Business investment is expected to be more resilient, boosted by tailwinds like data centre investment and renewable energy projects. Even so, higher costs and softer demand are likely to weigh on profitability in some sectors, CBA’s economists say.

Unemployment to rise modestly

As growth slows, the unemployment rate is also expected to drift higher, reaching around 4.6 per cent by early 2027, compared to a seasonally adjusted rate of 4.3 per cent recorded in February.

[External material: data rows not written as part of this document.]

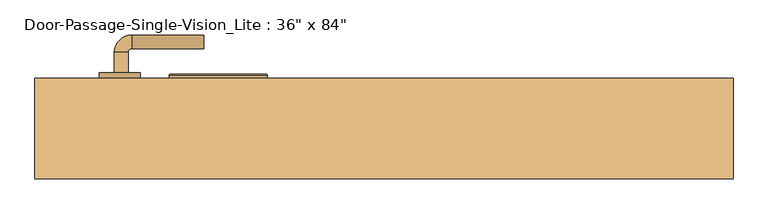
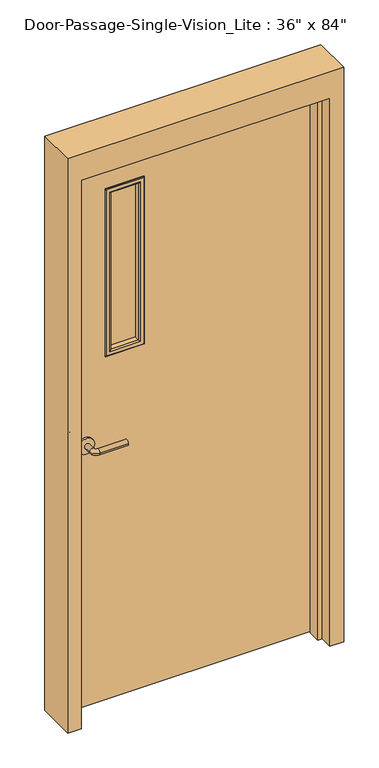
"""IFC4 building model written with IfcOpenShell, lengths in millimetres: door geometry."""

from ifc_helpers import new_model, si_unit, point, frame, frame_2d, origin, place, context, project, spatial, polyline, circle_curve, ellipse_curve, trimmed, segment, composite_curve, outline, extrude, faceted_brep, source, transform, mapped, element, save
from ifc_brep_helpers import plane_surface, cylinder_surface, revolved_surface, advanced_brep


def door_158479e4(model_context):
    return source(origin(), model_context, "Body", "SolidModel", [
        advanced_brep(
        [(-392.190625, -33.4, 1016.0), (-372.190625, -33.4, 1016.0), (-372.190625, -63.4, 1016.0), (-392.190625, -63.4, 1016.0), (-367.190625, -68.4, 1016.0), (-367.190625, -88.4, 1016.0), (-262.190625, -88.4, 1016.0), (-262.190625, -68.4, 1016.0)],
        [
            (0, 1, circle_curve(frame((-382.190625, -33.4, 1016.0), z_axis=(0.0, 1.0, 0.0), x_axis=(1.0, 0.0, 0.0)), 10.0)),
            (1, 0, circle_curve(frame((-382.190625, -33.4, 1016.0), z_axis=(0.0, 1.0, 0.0), x_axis=(1.0, 0.0, 0.0)), 10.0)),
            (1, 2),
            (2, 3, circle_curve(frame((-382.190625, -63.4, 1016.0), z_axis=(0.0, 1.0, 0.0), x_axis=(1.0, 0.0, 0.0)), 10.0)),
            (3, 0),
            (3, 2, circle_curve(frame((-382.190625, -63.4, 1016.0), z_axis=(0.0, 1.0, 0.0), x_axis=(1.0, 0.0, 0.0)), 10.0)),
            (4, 5, circle_curve(frame((-367.190625, -78.4, 1016.0), z_axis=(-1.0, 0.0, 0.0), x_axis=(0.0, 1.0, 0.0)), 10.0)),
            (5, 3, circle_curve(frame((-367.190625, -63.4, 1016.0), z_axis=(0.0, 0.0, -1.0), x_axis=(-1.0, 0.0, 0.0)), 25.0)),
            (2, 4, circle_curve(frame((-367.190625, -63.4, 1016.0), z_axis=(0.0, 0.0, 1.0), x_axis=(-1.0, 0.0, 0.0)), 5.0)),
            (5, 4, circle_curve(frame((-367.190625, -78.4, 1016.0), z_axis=(-1.0, 0.0, 0.0), x_axis=(0.0, 1.0, 0.0)), 10.0)),
            (6, 7, circle_curve(frame((-262.190625, -78.4, 1016.0), z_axis=(1.0, 0.0, 0.0), x_axis=(0.0, 1.0, 0.0)), 10.0)),
            (7, 6, circle_curve(frame((-262.190625, -78.4, 1016.0), z_axis=(1.0, 0.0, 0.0), x_axis=(0.0, 1.0, 0.0)), 10.0)),
            (4, 7),
            (6, 5),
        ],
        [
            plane_surface(frame((-382.190625, -33.4, 1016.0), z_axis=(0.0, 1.0, 0.0), x_axis=(0.0, 0.0, 1.0))),
            cylinder_surface(frame((-382.190625, -33.4, 1016.0), z_axis=(0.0, 1.0, 0.0), x_axis=(1.0, 0.0, 0.0)), 10.0),
            revolved_surface(trimmed(ellipse_curve(frame((-382.190625, -63.4, 1016.0), z_axis=(0.0, -1.0, 0.0), x_axis=(1.0, 0.0, 0.0)), 10.0, 10.0), [point((-392.190625, -63.4, 1016.0))], [point((-372.190625, -63.4, 1016.0))], True, "CARTESIAN"), (-367.190625, -63.4, 1016.0), (0.0, 0.0, -1.0)),
            revolved_surface(trimmed(ellipse_curve(frame((-382.190625, -63.4, 1016.0), z_axis=(0.0, -1.0, 0.0), x_axis=(1.0, 0.0, 0.0)), 10.0, 10.0), [point((-372.190625, -63.4, 1016.0))], [point((-392.190625, -63.4, 1016.0))], True, "CARTESIAN"), (-367.190625, -63.4, 1016.0), (0.0, 0.0, -1.0)),
            plane_surface(frame((-262.190625, -78.4, 1016.0), z_axis=(1.0, 0.0, 0.0), x_axis=(0.0, 0.0, 1.0))),
            cylinder_surface(frame((-367.190625, -78.4, 1016.0), z_axis=(-1.0, 0.0, 0.0), x_axis=(0.0, 1.0, 0.0)), 10.0),
        ],
        [
            (0, [[1, 2]]),
            (1, [[3, 4, 5, -2]]),
            (1, [[-5, 6, -3, -1]]),
            (2, [[7, 8, -4, 9]]),
            (3, [[10, -9, -6, -8]]),
            (4, [[11, 12]]),
            (5, [[13, -11, 14, -7]]),
            (5, [[-14, -12, -13, -10]]),
        ],
    ),
        extrude(outline(composite_curve([segment(trimmed(circle_curve(frame_2d((1016.0, -384.690625)), 30.0), [point((1016.0, -414.690625))], [point((1016.0, -354.690625))], False, "CARTESIAN"), True, "CONTINUOUS"), segment(trimmed(circle_curve(frame_2d((1016.0, -384.690625)), 30.0), [point((1016.0, -354.690625))], [point((1016.0, -414.690625))], False, "CARTESIAN"), True, "CONTINUOUS")], self_intersect=False)), frame((0.0, -33.4, 0.0), z_axis=(0.0, 1.0, 0.0), x_axis=(0.0, 0.0, 1.0)), (0.0, 0.0, 1.0), 8.0),
        advanced_brep(
        [(-392.190625, 27.05, 1016.0), (-372.190625, 27.05, 1016.0), (-392.190625, 57.05, 1016.0), (-372.190625, 57.05, 1016.0), (-367.190625, 62.05, 1016.0), (-367.190625, 82.05, 1016.0), (-262.190625, 82.05, 1016.0), (-262.190625, 62.05, 1016.0)],
        [
            (0, 1, circle_curve(frame((-382.190625, 27.05, 1016.0), z_axis=(0.0, -1.0, 0.0), x_axis=(1.0, 0.0, 0.0)), 10.0)),
            (1, 0, circle_curve(frame((-382.190625, 27.05, 1016.0), z_axis=(0.0, -1.0, 0.0), x_axis=(1.0, 0.0, 0.0)), 10.0)),
            (0, 2),
            (2, 3, circle_curve(frame((-382.190625, 57.05, 1016.0), z_axis=(0.0, -1.0, 0.0), x_axis=(1.0, 0.0, 0.0)), 10.0)),
            (3, 1),
            (3, 2, circle_curve(frame((-382.190625, 57.05, 1016.0), z_axis=(0.0, -1.0, 0.0), x_axis=(1.0, 0.0, 0.0)), 10.0)),
            (4, 3, circle_curve(frame((-367.190625, 57.05, 1016.0), z_axis=(0.0, 0.0, 1.0), x_axis=(-1.0, 0.0, 0.0)), 5.0)),
            (2, 5, circle_curve(frame((-367.190625, 57.05, 1016.0), z_axis=(0.0, 0.0, -1.0), x_axis=(-1.0, 0.0, 0.0)), 25.0)),
            (5, 4, circle_curve(frame((-367.190625, 72.05, 1016.0), z_axis=(-1.0, 0.0, 0.0), x_axis=(0.0, -1.0, 0.0)), 10.0)),
            (4, 5, circle_curve(frame((-367.190625, 72.05, 1016.0), z_axis=(-1.0, 0.0, 0.0), x_axis=(0.0, -1.0, 0.0)), 10.0)),
            (6, 7, circle_curve(frame((-262.190625, 72.05, 1016.0), z_axis=(1.0, 0.0, 0.0), x_axis=(0.0, -1.0, 0.0)), 10.0)),
            (7, 6, circle_curve(frame((-262.190625, 72.05, 1016.0), z_axis=(1.0, 0.0, 0.0), x_axis=(0.0, -1.0, 0.0)), 10.0)),
            (5, 6),
            (7, 4),
        ],
        [
            plane_surface(frame((-382.190625, 27.05, 1016.0), z_axis=(0.0, -1.0, 0.0), x_axis=(0.0, 0.0, 1.0))),
            cylinder_surface(frame((-382.190625, 27.05, 1016.0), z_axis=(0.0, -1.0, 0.0), x_axis=(1.0, 0.0, 0.0)), 10.0),
            revolved_surface(trimmed(ellipse_curve(frame((-382.190625, 57.05, 1016.0), z_axis=(0.0, -1.0, 0.0), x_axis=(1.0, 0.0, 0.0)), 10.0, 10.0), [point((-392.190625, 57.05, 1016.0))], [point((-372.190625, 57.05, 1016.0))], True, "CARTESIAN"), (-367.190625, 57.05, 1016.0), (0.0, 0.0, -1.0)),
            revolved_surface(trimmed(ellipse_curve(frame((-382.190625, 57.05, 1016.0), z_axis=(0.0, -1.0, 0.0), x_axis=(1.0, 0.0, 0.0)), 10.0, 10.0), [point((-372.190625, 57.05, 1016.0))], [point((-392.190625, 57.05, 1016.0))], True, "CARTESIAN"), (-367.190625, 57.05, 1016.0), (0.0, 0.0, -1.0)),
            plane_surface(frame((-262.190625, 72.05, 1016.0), z_axis=(1.0, 0.0, 0.0), x_axis=(0.0, 0.0, 1.0))),
            cylinder_surface(frame((-367.190625, 72.05, 1016.0), z_axis=(-1.0, 0.0, 0.0), x_axis=(0.0, -1.0, 0.0)), 10.0),
        ],
        [
            (0, [[1, 2]]),
            (1, [[-1, 3, 4, 5]]),
            (1, [[-2, -5, 6, -3]]),
            (2, [[7, -4, 8, 9]]),
            (3, [[-8, -6, -7, 10]]),
            (4, [[11, 12]]),
            (5, [[-9, 13, -12, 14]]),
            (5, [[-10, -14, -11, -13]]),
        ],
    ),
        extrude(outline(composite_curve([segment(trimmed(circle_curve(frame_2d((1016.0, -384.690625)), 30.0), [point((1016.0, -414.690625))], [point((1016.0, -354.690625))], False, "CARTESIAN"), True, "CONTINUOUS"), segment(trimmed(circle_curve(frame_2d((1016.0, -384.690625)), 30.0), [point((1016.0, -354.690625))], [point((1016.0, -414.690625))], False, "CARTESIAN"), True, "CONTINUOUS")], self_intersect=False)), frame((0.0, 19.05, 0.0), z_axis=(0.0, 1.0, 0.0), x_axis=(0.0, 0.0, 1.0)), (0.0, 0.0, 1.0), 8.0),
        faceted_brep([(457.2, -30.1625, 0.0), (457.2, 19.05, 0.0), (508.0, 19.05, 0.0), (508.0, -127.0, 0.0), (457.2, -127.0, 0.0), (457.2, -77.7875, 0.0), (441.325, -77.7875, 0.0), (441.325, -30.1625, 0.0), (457.2, -30.1625, 2133.6), (457.2, 19.05, 2133.6), (-457.2, 19.05, 2133.6), (-457.2, 19.05, 0.0), (-508.0, 19.05, 0.0), (-508.0, 19.05, 2235.2), (508.0, 19.05, 2235.2), (508.0, -127.0, 2235.2), (-508.0, -127.0, 2235.2), (-508.0, -127.0, 0.0), (-457.2, -127.0, 0.0), (-457.2, -127.0, 2133.6), (457.2, -127.0, 2133.6), (457.2, -77.7875, 2133.6), (-457.2, -77.7875, 2133.6), (-457.2, -77.7875, 0.0), (-441.325, -77.7875, 0.0), (-441.325, -77.7875, 2117.725), (441.325, -77.7875, 2117.725), (441.325, -30.1625, 2117.725), (-441.325, -30.1625, 2117.725), (-441.325, -30.1625, 0.0), (-457.2, -30.1625, 0.0), (-457.2, -30.1625, 2133.6)], [[[0, 1, 2, 3, 4, 5, 6, 7]], [[1, 0, 8, 9]], [[2, 1, 9, 10, 11, 12, 13, 14]], [[3, 2, 14, 15]], [[4, 3, 15, 16, 17, 18, 19, 20]], [[5, 4, 20, 21]], [[6, 5, 21, 22, 23, 24, 25, 26]], [[7, 6, 26, 27]], [[0, 7, 27, 28, 29, 30, 31, 8]], [[9, 8, 31, 10]], [[20, 19, 22, 21]], [[26, 25, 28, 27]], [[12, 11, 30, 29, 24, 23, 18, 17]], [[11, 10, 31, 30]], [[13, 12, 17, 16]], [[19, 18, 23, 22]], [[25, 24, 29, 28]], [[15, 14, 13, 16]]]),
        extrude(outline(polyline([(2133.6, -457.2), (0.0, -457.2), (0.0, 457.2), (2133.6, 457.2), (2133.6, -457.2)]), holes=[polyline([(1981.2, -304.8), (1981.2, -177.8), (1346.2, -177.8), (1346.2, -304.8), (1981.2, -304.8)])]), frame((0.0, -25.4, 0.0), z_axis=(0.0, 1.0, 0.0), x_axis=(0.0, 0.0, 1.0)), (0.0, 0.0, 1.0), 44.45),
        extrude(outline(polyline([(-177.8, -6.35), (-304.8, -6.35), (-304.8, 0.0), (-177.8, 0.0), (-177.8, -6.35)])), frame((0.0, 0.0, 1346.2), z_axis=(0.0, 0.0, 1.0), x_axis=(1.0, 0.0, 0.0)), (0.0, 0.0, 1.0), 635.0),
        advanced_brep(
        [(-304.8, -6.35, 1346.2), (-304.8, -25.4, 1346.2), (-304.8, -25.4, 1981.2), (-304.8, -6.35, 1981.2), (-292.8, -26.4, 1358.2), (-292.8, -6.35, 1358.2), (-292.8, -6.35, 1969.2), (-292.8, -26.4, 1969.2), (-297.8, -31.4, 1353.2), (-297.8, -31.4, 1974.2), (-312.8, -29.4, 1338.2), (-310.8, -31.4, 1340.2), (-310.8, -31.4, 1987.2), (-312.8, -29.4, 1989.2), (-312.8, -25.4, 1338.2), (-312.8, -25.4, 1989.2), (-177.8, -25.4, 1981.2), (-177.8, -6.35, 1981.2), (-189.8, -6.35, 1969.2), (-189.8, -26.4, 1969.2), (-184.8, -31.4, 1974.2), (-171.8, -31.4, 1987.2), (-169.8, -29.4, 1989.2), (-169.8, -25.4, 1989.2), (-177.8, -25.4, 1346.2), (-177.8, -6.35, 1346.2), (-189.8, -6.35, 1358.2), (-189.8, -26.4, 1358.2), (-184.8, -31.4, 1353.2), (-171.8, -31.4, 1340.2), (-169.8, -29.4, 1338.2), (-169.8, -25.4, 1338.2)],
        [
            (0, 1),
            (1, 2),
            (2, 3),
            (3, 0),
            (4, 5),
            (5, 6),
            (6, 7),
            (7, 4),
            (8, 4, ellipse_curve(frame((-297.8, -26.4, 1353.2), z_axis=(-0.7071067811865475, 0.0, 0.7071067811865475), x_axis=(-0.7071067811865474, 0.0, -0.7071067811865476)), 7.0710678, 5.0)),
            (7, 9, ellipse_curve(frame((-297.8, -26.4, 1974.2), z_axis=(-0.7071067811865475, 0.0, -0.7071067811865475), x_axis=(0.7071067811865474, 0.0, -0.7071067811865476)), 7.0710678, 5.0)),
            (9, 8),
            (10, 11, ellipse_curve(frame((-310.8, -29.4, 1340.2), z_axis=(-0.7071067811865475, 0.0, 0.7071067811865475), x_axis=(-0.7071067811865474, 0.0, -0.7071067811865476)), 2.8284271, 2.0)),
            (11, 12),
            (12, 13, ellipse_curve(frame((-310.8, -29.4, 1987.2), z_axis=(-0.7071067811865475, 0.0, -0.7071067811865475), x_axis=(0.7071067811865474, 0.0, -0.7071067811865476)), 2.8284271, 2.0)),
            (13, 10),
            (14, 10),
            (13, 15),
            (15, 14),
            (2, 16),
            (16, 17),
            (17, 3),
            (6, 18),
            (18, 19),
            (19, 7),
            (19, 20, ellipse_curve(frame((-184.8, -26.4, 1974.2), z_axis=(-0.7071067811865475, 0.0, 0.7071067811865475), x_axis=(-0.7071067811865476, 0.0, -0.7071067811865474)), 7.0710678, 5.0)),
            (20, 9),
            (12, 21),
            (21, 22, ellipse_curve(frame((-171.8, -29.4, 1987.2), z_axis=(-0.7071067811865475, 0.0, 0.7071067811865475), x_axis=(-0.7071067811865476, 0.0, -0.7071067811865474)), 2.8284271, 2.0)),
            (22, 13),
            (22, 23),
            (23, 15),
            (16, 24),
            (24, 25),
            (25, 17),
            (18, 26),
            (26, 27),
            (27, 19),
            (27, 28, ellipse_curve(frame((-184.8, -26.4, 1353.2), z_axis=(0.7071067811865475, 0.0, 0.7071067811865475), x_axis=(-0.7071067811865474, 0.0, 0.7071067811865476)), 7.0710678, 5.0)),
            (28, 20),
            (21, 29),
            (29, 30, ellipse_curve(frame((-171.8, -29.4, 1340.2), z_axis=(0.7071067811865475, 0.0, 0.7071067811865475), x_axis=(-0.7071067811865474, 0.0, 0.7071067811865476)), 2.8284271, 2.0)),
            (30, 22),
            (30, 31),
            (31, 23),
            (31, 14),
            (1, 24),
            (0, 25),
            (5, 26),
            (4, 27),
            (8, 28),
            (11, 29),
            (10, 30),
        ],
        [
            plane_surface(frame((-304.8, -25.4, 1346.2), z_axis=(-1.0, 0.0, 0.0), x_axis=(0.0, 0.0, 1.0))),
            plane_surface(frame((-292.8, -6.35, 1358.2), z_axis=(1.0, 0.0, 0.0), x_axis=(0.0, 0.0, 1.0))),
            cylinder_surface(frame((-297.8, -26.4, 1346.2), z_axis=(0.0, 0.0, -1.0), x_axis=(-1.0, 0.0, 0.0)), 5.0),
            cylinder_surface(frame((-310.8, -29.4, 1346.2), z_axis=(0.0, 0.0, -1.0), x_axis=(-1.0, 0.0, 0.0)), 2.0),
            plane_surface(frame((-312.8, -29.4, 1338.2), z_axis=(-1.0, 0.0, 0.0), x_axis=(0.0, 0.0, 1.0))),
            plane_surface(frame((-304.8, -25.4, 1981.2), z_axis=(0.0, 0.0, 1.0), x_axis=(1.0, 0.0, 0.0))),
            plane_surface(frame((-292.8, -6.35, 1969.2), z_axis=(0.0, 0.0, -1.0), x_axis=(1.0, 0.0, 0.0))),
            cylinder_surface(frame((-304.8, -26.4, 1974.2), z_axis=(-1.0, 0.0, 0.0), x_axis=(0.0, 0.0, 1.0)), 5.0),
            cylinder_surface(frame((-304.8, -29.4, 1987.2), z_axis=(-1.0, 0.0, 0.0), x_axis=(0.0, 0.0, 1.0)), 2.0),
            plane_surface(frame((-312.8, -29.4, 1989.2), z_axis=(0.0, 0.0, 1.0), x_axis=(1.0, 0.0, 0.0))),
            plane_surface(frame((-177.8, -25.4, 1981.2), z_axis=(1.0, 0.0, 0.0), x_axis=(0.0, 0.0, -1.0))),
            plane_surface(frame((-189.8, -6.35, 1969.2), z_axis=(-1.0, 0.0, 0.0), x_axis=(0.0, 0.0, -1.0))),
            cylinder_surface(frame((-184.8, -26.4, 1981.2), z_axis=(0.0, 0.0, 1.0), x_axis=(1.0, 0.0, 0.0)), 5.0),
            cylinder_surface(frame((-171.8, -29.4, 1981.2), z_axis=(0.0, 0.0, 1.0), x_axis=(1.0, 0.0, 0.0)), 2.0),
            plane_surface(frame((-169.8, -29.4, 1989.2), z_axis=(1.0, 0.0, 0.0), x_axis=(0.0, 0.0, -1.0))),
            plane_surface(frame((-169.8, -25.4, 1338.2), z_axis=(0.0, 1.0, 0.0), x_axis=(-1.0, 0.0, 0.0))),
            plane_surface(frame((-177.8, -25.4, 1346.2), z_axis=(0.0, 0.0, -1.0), x_axis=(-1.0, 0.0, 0.0))),
            plane_surface(frame((-177.8, -6.35, 1346.2), z_axis=(0.0, 1.0, 0.0), x_axis=(-1.0, 0.0, 0.0))),
            plane_surface(frame((-189.8, -6.35, 1358.2), z_axis=(0.0, 0.0, 1.0), x_axis=(-1.0, 0.0, 0.0))),
            cylinder_surface(frame((-177.8, -26.4, 1353.2), z_axis=(1.0, 0.0, 0.0), x_axis=(0.0, 0.0, -1.0)), 5.0),
            plane_surface(frame((-184.8, -31.4, 1353.2), z_axis=(0.0, -1.0, 0.0), x_axis=(-1.0, 0.0, 0.0))),
            cylinder_surface(frame((-177.8, -29.4, 1340.2), z_axis=(1.0, 0.0, 0.0), x_axis=(0.0, 0.0, -1.0)), 2.0),
            plane_surface(frame((-169.8, -29.4, 1338.2), z_axis=(0.0, 0.0, -1.0), x_axis=(-1.0, 0.0, 0.0))),
        ],
        [
            (0, [[1, 2, 3, 4]]),
            (1, [[5, 6, 7, 8]]),
            (2, [[9, -8, 10, 11]]),
            (3, [[12, 13, 14, 15]]),
            (4, [[16, -15, 17, 18]]),
            (5, [[-3, 19, 20, 21]]),
            (6, [[-7, 22, 23, 24]]),
            (7, [[-10, -24, 25, 26]]),
            (8, [[-14, 27, 28, 29]]),
            (9, [[-17, -29, 30, 31]]),
            (10, [[-20, 32, 33, 34]]),
            (11, [[-23, 35, 36, 37]]),
            (12, [[-25, -37, 38, 39]]),
            (13, [[-28, 40, 41, 42]]),
            (14, [[-30, -42, 43, 44]]),
            (15, [[-31, -44, 45, -18], [46, -32, -19, -2]]),
            (16, [[-33, -46, -1, 47]]),
            (17, [[-21, -34, -47, -4], [48, -35, -22, -6]]),
            (18, [[-36, -48, -5, 49]]),
            (19, [[-38, -49, -9, 50]]),
            (20, [[51, -40, -27, -13], [-26, -39, -50, -11]]),
            (21, [[-41, -51, -12, 52]]),
            (22, [[-43, -52, -16, -45]]),
        ],
    ),
        advanced_brep(
        [(-304.8, 0.0, 1981.2), (-304.8, 19.05, 1981.2), (-304.8, 19.05, 1346.2), (-304.8, 0.0, 1346.2), (-292.8, 20.05, 1969.2), (-292.8, 0.0, 1969.2), (-292.8, 0.0, 1358.2), (-292.8, 20.05, 1358.2), (-297.8, 25.05, 1974.2), (-297.8, 25.05, 1353.2), (-312.8, 23.05, 1989.2), (-310.8, 25.05, 1987.2), (-310.8, 25.05, 1340.2), (-312.8, 23.05, 1338.2), (-312.8, 19.05, 1989.2), (-312.8, 19.05, 1338.2), (-177.8, 19.05, 1346.2), (-177.8, 0.0, 1346.2), (-189.8, 0.0, 1358.2), (-189.8, 20.05, 1358.2), (-184.8, 25.05, 1353.2), (-171.8, 25.05, 1340.2), (-169.8, 23.05, 1338.2), (-169.8, 19.05, 1338.2), (-177.8, 19.05, 1981.2), (-177.8, 0.0, 1981.2), (-189.8, 0.0, 1969.2), (-189.8, 20.05, 1969.2), (-184.8, 25.05, 1974.2), (-171.8, 25.05, 1987.2), (-169.8, 23.05, 1989.2), (-169.8, 19.05, 1989.2)],
        [
            (0, 1),
            (1, 2),
            (2, 3),
            (3, 0),
            (4, 5),
            (5, 6),
            (6, 7),
            (7, 4),
            (8, 4, ellipse_curve(frame((-297.8, 20.05, 1974.2), z_axis=(-0.7071067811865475, 0.0, -0.7071067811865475), x_axis=(-0.7071067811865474, 0.0, 0.7071067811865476)), 7.0710678, 5.0)),
            (7, 9, ellipse_curve(frame((-297.8, 20.05, 1353.2), z_axis=(-0.7071067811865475, 0.0, 0.7071067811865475), x_axis=(0.7071067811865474, 0.0, 0.7071067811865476)), 7.0710678, 5.0)),
            (9, 8),
            (10, 11, ellipse_curve(frame((-310.8, 23.05, 1987.2), z_axis=(-0.7071067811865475, 0.0, -0.7071067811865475), x_axis=(-0.7071067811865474, 0.0, 0.7071067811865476)), 2.8284271, 2.0)),
            (11, 12),
            (12, 13, ellipse_curve(frame((-310.8, 23.05, 1340.2), z_axis=(-0.7071067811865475, 0.0, 0.7071067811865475), x_axis=(0.7071067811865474, 0.0, 0.7071067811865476)), 2.8284271, 2.0)),
            (13, 10),
            (14, 10),
            (13, 15),
            (15, 14),
            (2, 16),
            (16, 17),
            (17, 3),
            (6, 18),
            (18, 19),
            (19, 7),
            (19, 20, ellipse_curve(frame((-184.8, 20.05, 1353.2), z_axis=(-0.7071067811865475, 0.0, -0.7071067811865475), x_axis=(-0.7071067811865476, 0.0, 0.7071067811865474)), 7.0710678, 5.0)),
            (20, 9),
            (12, 21),
            (21, 22, ellipse_curve(frame((-171.8, 23.05, 1340.2), z_axis=(-0.7071067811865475, 0.0, -0.7071067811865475), x_axis=(-0.7071067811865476, 0.0, 0.7071067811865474)), 2.8284271, 2.0)),
            (22, 13),
            (22, 23),
            (23, 15),
            (16, 24),
            (24, 25),
            (25, 17),
            (18, 26),
            (26, 27),
            (27, 19),
            (27, 28, ellipse_curve(frame((-184.8, 20.05, 1974.2), z_axis=(0.7071067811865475, 0.0, -0.7071067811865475), x_axis=(-0.7071067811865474, 0.0, -0.7071067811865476)), 7.0710678, 5.0)),
            (28, 20),
            (21, 29),
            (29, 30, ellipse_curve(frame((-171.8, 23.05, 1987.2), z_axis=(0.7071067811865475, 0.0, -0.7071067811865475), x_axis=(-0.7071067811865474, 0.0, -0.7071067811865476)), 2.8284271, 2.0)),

While this represents an increase in the jobless rate, unemployment would still be considered low by historical standards.

CBA economists expect the rise in unemployment will help ease domestic inflation pressures over time, supporting a gradual return towards the Reserve Bank’s target band of between 2 and 3 per cent.

What this means for interest rates

Commonwealth Bank economists say the Reserve Bank is expected to remain focused on containing inflation in the near term and the bank expects the cash rate to be increased again in May, with the decision finely balanced between upside inflation risks and downside risks to growth and employment.

“The RBA is likely to prioritise inflation control in the near term, particularly given the risk that higher energy prices feed into inflation expectations,” Allen said.

Inflation is also on the radar of the OECD, which warned that while higher interest rates can weigh on growth, failing to contain inflation risks prolonging cost‑of‑living pressures. It said while central banks face a difficult balance, allowing inflation expectations to drift higher would ultimately be more damaging for households and the economy.

Looking further ahead, CBA economists said they expected interest rates to be cut in 2027 as inflation moderates and economic conditions soften.

Uncertainty remains high

The outlook remains highly uncertain and will depend heavily on how the conflict evolves and how long energy prices remain high, CBA economists say. In addition to the central scenario of Brent oil hitting $US120 a barrel and staying there till end of June before returning to $US80, they have also considered alternative scenarios, including one where oil prices rise significantly further and another where prices fall back more quickly.

The OECD, meanwhile, cautioned governments against on broad cost‑of‑living support measures in response to energy shocks, warning that untargeted help for consumers could add further to inflation pressures. Instead, it said, any support should be tightly targeted and temporary, to avoid adding to demand at a time when inflation is already high.